Disjoint Set (Union-Find Algorithm) in PHP
Published: February 3, 2025 at 5:26:16 PM UTC
This article features a PHP implementation of the Disjoint Set data structure, commonly used for Union-Find in minimum spanning tree algorithms.
The Disjoint Set (commonly used for Union-Find a.k.a. Disjoint Set Union) is a data structure used to manage a partition of elements into disjoint (non-overlapping) sets. It supports two key operations efficiently:
- Find: Determines which set an element belongs to.
- Union: Merges two sets together.
This structure is particularly useful in minimum spanning tree algorithms, such as Kruskal's algorithm.

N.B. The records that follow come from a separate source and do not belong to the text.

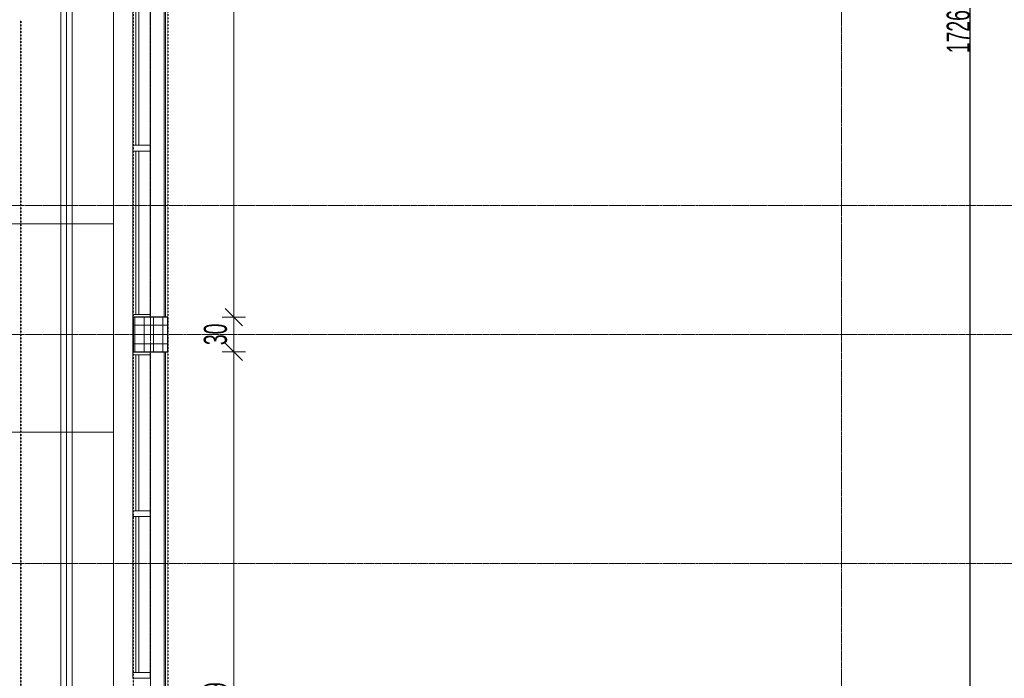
# Model space of a CAD drawing. Header units: millimetres. Extents: x -56965 to 15328, y -25411 to 16900.
# Tile 3 of 69: x -49223 to -40712, y -17650 to -11959. Entities that reach past the tile are written whole.
import ezdxf

# ---------------------------------------------------------------- set-up
doc = ezdxf.new("R2010")
doc.units = ezdxf.units.MM
doc.linetypes.add('__FK_przerywana', pattern=[3.2004, 1.6002, -1.6002])
doc.linetypes.add('Linia siatki', pattern=[22.225, 12.7, -3.175, 3.175, -3.175])
for name, color, linetype, lineweight in [('A-ANNO-DIMS', 7, 'Continuous', 5), ('A-ANNO-DIMS-100', 7, 'Continuous', 5), ('A-DETL-THIN', 7, 'Continuous', 5), ('A-FLOR', 7, 'Continuous', 5), ('A-FLOR-HRAL', 7, 'Continuous', 5), ('A-GLAZ-CURT', 7, 'Continuous', 5), ('A-GLAZ-CWMG', 7, 'Continuous', 5), ('A-WALL', 7, 'Continuous', 5), ('S-COLS', 7, 'Continuous', 5), ('S-COLS-SYMB', 7, 'Continuous', 25), ('S-GRID', 7, 'Continuous', 5)]:
    doc.layers.add(name, color=color, linetype=linetype, lineweight=lineweight)
doc.layers.add('A-DETL', color=7, linetype='Continuous', lineweight=5, true_color=0x00a600)
doc.styles.add('Arial_4', font='arial.ttf', dxfattribs={"width": 0.6, "height": 200})
doc.dimstyles.new('standard_wielkość_otworów', dxfattribs={"dimscale": 304.8, "dimtxt": 204.05188, "dimasz": 0.492126, "dimexe": 0.328084, "dimexo": 0.0625, "dimgap": 0, "dimtad": 1, "dimdec": 0, "dimlfac": 0.1, "dimzin": 0, "dimdsep": 46, "dimtxsty": 'Arial_4', "dimblk1": 'OBLIQUE', "dimblk2": 'OBLIQUE', "dimsah": 1, "dimcen": 0.09, "dimazin": 0, "dimtfac": 1, "dimtdec": 4, "dimtix": 1, "dimtmove": 0, "dimatfit": 3, "dimfxl": 0.328084, "dimfxlon": 1, "dimtvp": 1, "dimtolj": 1, "dimtzin": 0, "dimarcsym": 2})

# ---------------------------------------------------------------- blocks, each defined once
blk = doc.blocks.new('Panel systemowy - Przeszklony-1766949-PARTER')
at = {"layer": 'A-GLAZ-CURT'}
for p, q in [((705.5, -24.5), (-705.5, -24.5)), ((-705.5, -24.5), (-705.5, -49.5)), ((-705.5, -49.5), (705.5, -49.5)), ((705.5, -49.5), (705.5, -24.5))]:
    blk.add_line(p, q, dxfattribs=at)
blk = doc.blocks.new('Panel systemowy - Przeszklony-1770100-PARTER')
at = {"layer": 'A-GLAZ-CURT'}
for p, q in [((673.625, -24.5), (-673.625, -24.5)), ((-673.625, -24.5), (-673.625, -49.5)), ((-673.625, -49.5), (673.625, -49.5)), ((673.625, -49.5), (673.625, -24.5))]:
    blk.add_line(p, q, dxfattribs=at)
blk = doc.blocks.new('Prostokątny szpros - 50 x 150mm-V20-PARTER')
at = {"layer": 'A-GLAZ-CWMG'}
for p, q in [((-25, 75), (25, 75)), ((-25, -75), (-25, 75)), ((0, -75), (-25, -75))]:
    blk.add_line(p, q, dxfattribs=at)
blk = doc.blocks.new('Prostokątny szpros - 50 x 150mm-1736108-PARTER')
at = {"layer": 'A-GLAZ-CWMG'}
for p, q in [((-25, 75), (25, 75)), ((-25, -75), (-25, 75)), ((25, 75), (25, -75)), ((25, -75), (-25, -75))]:
    blk.add_line(p, q, dxfattribs=at)
blk = doc.blocks.new('Prostokątny szpros - 50 x 150mm-V21-PARTER')
at = {"layer": 'A-GLAZ-CWMG'}
for p, q in [((-25, 75), (25, 75)), ((25, 75), (25, -75)), ((25, -75), (0, -75))]:
    blk.add_line(p, q, dxfattribs=at)
blk = doc.blocks.new('Prostokątny szpros - 50 x 150mm-1766809-PARTER')
at = {"layer": 'A-GLAZ-CWMG'}
blk.add_line((-48244.4, 3626.6), (-48244.4, 3876.6), dxfattribs=at)
blk = doc.blocks.new('Prostokątny szpros - 50 x 150mm-1766945-PARTER')
at = {"layer": 'A-GLAZ-CWMG'}
for p, q in [((-48244.4, 704.6), (-48244.4, 2115.6)), ((-48094.4, 704.6), (-48094.4, 2115.6))]:
    blk.add_line(p, q, dxfattribs=at)
blk = doc.blocks.new('Prostokątny szpros - 50 x 150mm-1770097-PARTER')
at = {"layer": 'A-GLAZ-CWMG'}
for p, q in [((-48244.4, -17599.9), (-48244.4, -16252.7)), ((-48094.4, -17599.9), (-48094.4, -16252.7))]:
    blk.add_line(p, q, dxfattribs=at)
blk = doc.blocks.new('SKo Słup prefabrykowany ___FK_04_0 - S1 30X30-V33-PARTER')
at = {"layer": 'S-COLS'}
h = blk.add_hatch(dxfattribs=at)
h.set_pattern_fill('FP_11', color=256, style=0, pattern_type=2)
h.set_pattern_definition([(0, (48093.416, 14680.41), (0, 80), []), (90, (48093.416, 14680.41), (-80, 5e-15), [])])
h.paths.add_polyline_path([(150, -150), (150, 150), (-150, 150), (-150, -150)])
at = {"layer": 'S-COLS-SYMB'}
for p, q in [((-150, 150), (-150, -150)), ((150, 150), (-150, 150)), ((150, -150), (150, 150)), ((-150, -150), (150, -150))]:
    blk.add_line(p, q, dxfattribs=at)
blk = doc.blocks.new('Poręcz - Poręcz-1734755-PARTER')
at = {"layer": 'A-FLOR-HRAL'}
for p, q in [((-48868.4, -9124.4), (-48868.4, -13724.4)), ((-48818.4, -13724.4), (-48818.4, -9124.4)), ((-48768.4, -13724.4), (-48768.4, -9149.4))]:
    blk.add_line(p, q, dxfattribs=at)
at = {"layer": 'A-FLOR-HRAL', "flags": 128}
for points in [[(-48868.4, -9124.4), (-48867.6, -9124.4), (-48865.1, -9124.4), (-48861.1, -9124.4), (-48855.9, -9124.4), (-48849.9, -9124.4), (-48843.4, -9124.4), (-48836.9, -9124.4), (-48830.9, -9124.4), (-48825.7, -9124.4), (-48821.8, -9124.4), (-48819.3, -9124.4), (-48818.4, -9124.4)], [(-48818.4, -13724.4), (-48819.3, -13724.4), (-48821.8, -13724.4), (-48825.7, -13724.4), (-48830.9, -13724.4), (-48836.9, -13724.4), (-48843.4, -13724.4), (-48849.9, -13724.4), (-48855.9, -13724.4), (-48861.1, -13724.4), (-48865.1, -13724.4), (-48867.6, -13724.4), (-48868.4, -13724.4)], [(-48768.4, -13724.4), (-48769.3, -13724.4), (-48771.8, -13724.4), (-48775.7, -13724.4), (-48780.9, -13724.4), (-48786.9, -13724.4), (-48793.4, -13724.4), (-48799.9, -13724.4), (-48805.9, -13724.4), (-48811.1, -13724.4), (-48815.1, -13724.4), (-48817.6, -13724.4), (-48818.4, -13724.4)]]:
    blk.add_lwpolyline(points, dxfattribs=at)
blk = doc.blocks.new('Poręcz - Poręcz-1734773-PARTER')
at = {"layer": 'A-FLOR-HRAL'}
for p, q in [((-48868.4, -13724.4), (-48868.4, -15524.4)), ((-48818.4, -13724.4), (-48868.4, -13724.4)), ((-48818.4, -15524.4), (-48818.4, -13724.4)), ((-48768.4, -13724.4), (-48818.4, -13724.4)), ((-48768.4, -15524.4), (-48768.4, -13724.4)), ((-48868.4, -15524.4), (-48818.4, -15524.4)), ((-48818.4, -15524.4), (-48768.4, -15524.4))]:
    blk.add_line(p, q, dxfattribs=at)
blk = doc.blocks.new('Poręcz - Poręcz-1734790-PARTER')
at = {"layer": 'A-FLOR-HRAL'}
for p, q in [((-48868.4, -15524.4), (-48868.4, -19524.4)), ((-48818.4, -19524.4), (-48818.4, -15524.4)), ((-48768.4, -19524.4), (-48768.4, -15524.4))]:
    blk.add_line(p, q, dxfattribs=at)
at = {"layer": 'A-FLOR-HRAL', "flags": 128}
for points in [[(-48868.4, -15524.4), (-48867.6, -15524.4), (-48865.1, -15524.4), (-48861.1, -15524.4), (-48855.9, -15524.4), (-48849.9, -15524.4), (-48843.4, -15524.4), (-48836.9, -15524.4), (-48830.9, -15524.4), (-48825.7, -15524.4), (-48821.8, -15524.4), (-48819.3, -15524.4), (-48818.4, -15524.4)], [(-48818.4, -15524.4), (-48817.6, -15524.4), (-48815.1, -15524.4), (-48811.1, -15524.4), (-48805.9, -15524.4), (-48799.9, -15524.4), (-48793.4, -15524.4), (-48786.9, -15524.4), (-48780.9, -15524.4), (-48775.7, -15524.4), (-48771.8, -15524.4), (-48769.3, -15524.4), (-48768.4, -15524.4)], [(-48818.4, -19524.4), (-48819.3, -19524.4), (-48821.8, -19524.4), (-48825.7, -19524.4), (-48830.9, -19524.4), (-48836.9, -19524.4), (-48843.4, -19524.4), (-48849.9, -19524.4), (-48855.9, -19524.4), (-48861.1, -19524.4), (-48865.1, -19524.4), (-48867.6, -19524.4), (-48868.4, -19524.4)], [(-48768.4, -19524.4), (-48769.3, -19524.4), (-48771.8, -19524.4), (-48775.7, -19524.4), (-48780.9, -19524.4), (-48786.9, -19524.4), (-48793.4, -19524.4), (-48799.9, -19524.4), (-48805.9, -19524.4), (-48811.1, -19524.4), (-48815.1, -19524.4), (-48817.6, -19524.4), (-48818.4, -19524.4)]]:
    blk.add_lwpolyline(points, dxfattribs=at)
blk = doc.blocks.new('DIMBLOCK135-PARTER')
at = {"layer": 'A-ANNO-DIMS-100', "color": 250, "true_color": 0x303030, "transparency": 16777216}
for p, q in [((-47372.1, -14830.4), (-47447.1, -14755.4)), ((-47372.1, -14830.4), (-47472.1, -14830.4)), ((-47372.1, -20824.4), (-47372.1, -14830.4)), ((-47372.1, -14830.4), (-47297.1, -14905.4)), ((-47372.1, -14830.4), (-47272.1, -14830.4)), ((-47372.1, -20824.4), (-47447.1, -20749.4)), ((-47372.1, -20824.4), (-47472.1, -20824.4)), ((-47372.1, -20824.4), (-47297.1, -20899.4)), ((-47372.1, -20824.4), (-47272.1, -20824.4))]:
    blk.add_line(p, q, dxfattribs=at)
at = {"layer": 'A-ANNO-DIMS-100', "color": 0, "transparency": 16777216, "insert": (-47631.7, -17964), "char_height": 200, "width": 327.739, "attachment_point": 1, "rotation": 90, "line_spacing_factor": 0.941778, "style": 'Arial_4'}
blk.add_mtext('599', dxfattribs=at)
blk = doc.blocks.new('_Oblique')
at = {"color": 0, "linetype": 'ByBlock', "lineweight": -2}
blk.add_line((-0.5, -0.5), (0.5, 0.5), dxfattribs=at)
blk = doc.blocks.new('DIMBLOCK136-PARTER')
at = {"layer": 'A-ANNO-DIMS-100', "color": 250, "true_color": 0x303030, "transparency": 16777216}
for p, q in [((-47372.1, -14530.4), (-47447.1, -14455.4)), ((-47372.1, -14530.4), (-47472.1, -14530.4)), ((-47372.1, -14830.4), (-47372.1, -14530.4)), ((-47372.1, -14530.4), (-47297.1, -14605.4)), ((-47372.1, -14530.4), (-47272.1, -14530.4)), ((-47372.1, -14830.4), (-47447.1, -14755.4)), ((-47372.1, -14830.4), (-47472.1, -14830.4)), ((-47372.1, -14830.4), (-47297.1, -14905.4)), ((-47372.1, -14830.4), (-47272.1, -14830.4))]:
    blk.add_line(p, q, dxfattribs=at)
at = {"layer": 'A-ANNO-DIMS-100', "color": 0, "transparency": 16777216, "insert": (-47631.7, -14771.4), "char_height": 200, "width": 218.492, "attachment_point": 1, "rotation": 90, "line_spacing_factor": 0.941778, "style": 'Arial_4'}
blk.add_mtext('30', dxfattribs=at)
blk = doc.blocks.new('DIMBLOCK137-PARTER')
at = {"layer": 'A-ANNO-DIMS-100', "color": 250, "true_color": 0x303030, "transparency": 16777216}
for p, q in [((-47372.1, -8686.4), (-47447.1, -8611.4)), ((-47372.1, -8686.4), (-47472.1, -8686.4)), ((-47372.1, -14530.4), (-47372.1, -8686.4)), ((-47372.1, -8686.4), (-47297.1, -8761.4)), ((-47372.1, -8686.4), (-47272.1, -8686.4)), ((-47372.1, -14530.4), (-47447.1, -14455.4)), ((-47372.1, -14530.4), (-47472.1, -14530.4)), ((-47372.1, -14530.4), (-47297.1, -14605.4)), ((-47372.1, -14530.4), (-47272.1, -14530.4))]:
    blk.add_line(p, q, dxfattribs=at)
at = {"layer": 'A-ANNO-DIMS-100', "color": 0, "transparency": 16777216, "insert": (-47631.7, -11745), "char_height": 200, "width": 327.739, "attachment_point": 1, "rotation": 90, "line_spacing_factor": 0.941778, "style": 'Arial_4'}
blk.add_mtext('584', dxfattribs=at)
blk = doc.blocks.new('*D612')
at = {"layer": 'A-ANNO-DIMS', "color": 0, "lineweight": -2, "transparency": 16777216}
for p, q in [((-41007.1, -3430.9), (-41107.1, -3430.9)), ((-41007.1, -20694.4), (-41007.1, -3430.9)), ((-41007.1, -20694.4), (-41107.1, -20694.4))]:
    blk.add_line(p, q, dxfattribs=at)
at = {"layer": 'Defpoints', "color": 0, "transparency": 16777216}
for p in [(-41007.1, -3430.9), (-41007.1, -3430.9), (-41007.1, -20694.4)]:
    blk.add_point(p, dxfattribs=at)
at = {"layer": 'A-ANNO-DIMS', "color": 0, "lineweight": -2, "transparency": 16777216, "xscale": 150, "yscale": 150, "zscale": 150}
for p, rotation in [((-41007.1, -3430.9), 90), ((-41007.1, -20694.4), 270)]:
    blk.add_blockref('_Oblique', p, dxfattribs=dict(at, rotation=rotation))
at = {"layer": 'A-ANNO-DIMS', "color": 0, "transparency": 16777216, "insert": (-41109.2, -12062.7), "char_height": 200, "attachment_point": 5, "rotation": 90, "style": 'Arial_4'}
blk.add_mtext('\\A1;1726', dxfattribs=at)

msp = doc.modelspace()

# ---------------------------------------------------------------- linework, layer by layer
at = {"layer": 'A-DETL', "color": 4, "linetype": '__FK_przerywana', "lineweight": 35, "true_color": 0x00ffff}
msp.add_line((-49213.41602, -11959.40745), (-49213.41602, -21375.48764), dxfattribs=at)
at = {"layer": 'A-DETL-THIN', "linetype": '__FK_przerywana', "lineweight": 25}
for p, q in [((-48243.41602, 9745.59255), (-48243.41602, -20694.40745)), ((-47943.41602, 9745.59255), (-47943.41602, -20694.40745))]:
    msp.add_line(p, q, dxfattribs=at)
at = {"layer": 'A-FLOR', "color": 8, "true_color": 0x6f757b}
for p, q in [((-47963.41602, -14530.40745), (-47963.41602, -8686.40745)), ((-47963.41602, -20419.40745), (-47963.41602, -14830.40745))]:
    msp.add_line(p, q, dxfattribs=at)
at = {"layer": 'A-FLOR', "color": 9, "true_color": 0xc2c2c2}
for p, q in [((-48868.41602, -13724.40745), (-50078.41602, -13724.40745)), ((-48413.41602, -13724.40745), (-48768.41602, -13724.40745)), ((-48868.41602, -15524.40745), (-50078.41602, -15524.40745)), ((-48413.41602, -15524.40745), (-48768.41602, -15524.40745))]:
    msp.add_line(p, q, dxfattribs=at)
at = {"layer": 'A-WALL'}
for p, q in [((-48413.41602, -21214.40745), (-48413.41602, -6590.80745)), ((-47973.41602, -8686.40745), (-47973.41602, -14530.40745)), ((-47973.41602, -14830.40745), (-47973.41602, -20419.40745))]:
    msp.add_line(p, q, dxfattribs=at)
at = {"layer": 'S-GRID', "linetype": 'Linia siatki'}
for p, q in [((-48093.41602, 15853.26345), (-48093.41602, -23865.32553)), ((-42120.41602, 15853.26345), (-42120.41602, -23865.32553)), ((-55866.74056, -13564.40745), (1287.74041, -13564.40745)), ((-55866.74056, -14680.40745), (1287.74041, -14680.40745)), ((-55866.74056, -16659.40745), (1287.74041, -16659.40745))]:
    msp.add_line(p, q, dxfattribs=at)

# ---------------------------------------------------------------- block references
at = {"layer": 'A-FLOR-HRAL'}
for name in ['Poręcz - Poręcz-1734755-PARTER', 'Poręcz - Poręcz-1734773-PARTER', 'Poręcz - Poręcz-1734790-PARTER']:
    msp.add_blockref(name, (0, 0), dxfattribs=at)
at = {"layer": 'A-GLAZ-CURT', "rotation": 269.9999999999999}
for name, p in [('Panel systemowy - Przeszklony-1766949-PARTER', (-48169.41602, -12338.90745)), ('Panel systemowy - Przeszklony-1766949-PARTER', (-48169.41602, -13799.90745)), ('Panel systemowy - Przeszklony-1770100-PARTER', (-48169.41602, -15529.03245)), ('Panel systemowy - Przeszklony-1770100-PARTER', (-48169.41602, -16926.28245))]:
    msp.add_blockref(name, p, dxfattribs=at)
at = {"layer": 'A-GLAZ-CWMG'}
for name, p in [('Prostokątny szpros - 50 x 150mm-1766945-PARTER', (0, -13749)), ('Prostokątny szpros - 50 x 150mm-1766945-PARTER', (0, -15210)), ('Prostokątny szpros - 50 x 150mm-1766809-PARTER', (0, -18432)), ('Prostokątny szpros - 50 x 150mm-1770097-PARTER', (0, 1397.25)), ('Prostokątny szpros - 50 x 150mm-1770097-PARTER', (0, 0))]:
    msp.add_blockref(name, p, dxfattribs=at)
at = {"layer": 'A-GLAZ-CWMG', "extrusion": (0, 0, -1), "rotation": 270.0000000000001}
for name, p in [('Prostokątny szpros - 50 x 150mm-1736108-PARTER', (48169.41602, -13069.40745)), ('Prostokątny szpros - 50 x 150mm-V20-PARTER', (48169.41602, -14530.40745)), ('Prostokątny szpros - 50 x 150mm-V21-PARTER', (48169.41602, -14830.40745)), ('Prostokątny szpros - 50 x 150mm-1736108-PARTER', (48169.41602, -16227.65745)), ('Prostokątny szpros - 50 x 150mm-1736108-PARTER', (48169.41602, -17624.90745))]:
    msp.add_blockref(name, p, dxfattribs=at)
at = {"layer": 'S-COLS-SYMB', "lineweight": 18}
msp.add_blockref('SKo Słup prefabrykowany ___FK_04_0 - S1 30X30-V33-PARTER', (-48093.41602, -14680.40745), dxfattribs=at)

# ---------------------------------------------------------------- dimensions: what is measured, and where the dimension line sits
at = {"layer": 'A-ANNO-DIMS', "color": 250, "true_color": 0x303030}
for base, p1, p2, override, picture, middle in [((-41007.07097, -3430.93049), (-41007.07097, -20694.40745), (-41007.07097, -3430.93049), {"dimpost": '<>', "dimfxl": 1636.10656}, '*D612', (-41109.18557, -12062.66897)), ((-47372.06955, -8686.40745), (-47472.06955, -14530.40745), (-47472.06955, -8686.40745), {"dimpost": '<>', "dimfxl": 5844}, 'DIMBLOCK137-PARTER', (-47474.18415, -11608.40745)), ((-47372.06955, -14530.40745), (-47472.06955, -14830.40745), (-47472.06955, -14530.40745), {"dimpost": '<>', "dimfxl": 300}, 'DIMBLOCK136-PARTER', (-47474.25237, -14680.40745)), ((-47372.06955, -14830.40745), (-47472.06955, -20824.40745), (-47472.06955, -14830.40745), {"dimpost": '<>', "dimfxl": 5994}, 'DIMBLOCK135-PARTER', (-47474.18415, -17827.40745))]:
    dim = msp.add_linear_dim(base=base, p1=p1, p2=p2, angle=90, dimstyle='standard_wielkość_otworów', override=override, dxfattribs=at)
    dim.commit()
    dim.dimension.update_dxf_attribs({"geometry": picture, "text_midpoint": middle})

doc.saveas('drawing.dxf')

I have an implementation of Kruskal's algorithm used for generating random mazes that relies on the below PHP implementation of Disjoint Set to efficiently merge sets. If you're interested, you can see it in action here: Kruskal's Algorithm Maze Generator
Anyway, this is my PHP implementation of Disjoint Set:
{
private $parent = [];
private $rank = [];
public function __construct($size)
{
for ($i = 0; $i < $size; $i++)
{
$this->parent[$i] = $i;
$this->rank[$i] = 0;
}
}
public function find($x)
{
if ($this->parent[$x] != $x)
{
$this->parent[$x] = $this->find($this->parent[$x]);
}
return $this->parent[$x];
}
public function union($x, $y)
{
$rootX = $this->find($x);
$rootY = $this->find($y);
if ($rootX != $rootY)
{
if ($this->rank[$rootX] > $this->rank[$rootY])
{
$this->parent[$rootY] = $rootX;
}
elseif ($this->rank[$rootX] < $this->rank[$rootY])
{
$this->parent[$rootX] = $rootY;
}
else
{
$this->parent[$rootY] = $rootX;
$this->rank[$rootX]++;
}
}
}
}
Apart from generating mazes for fun, the Disjoint Set data structure can certainly also be used for real-life scenarios.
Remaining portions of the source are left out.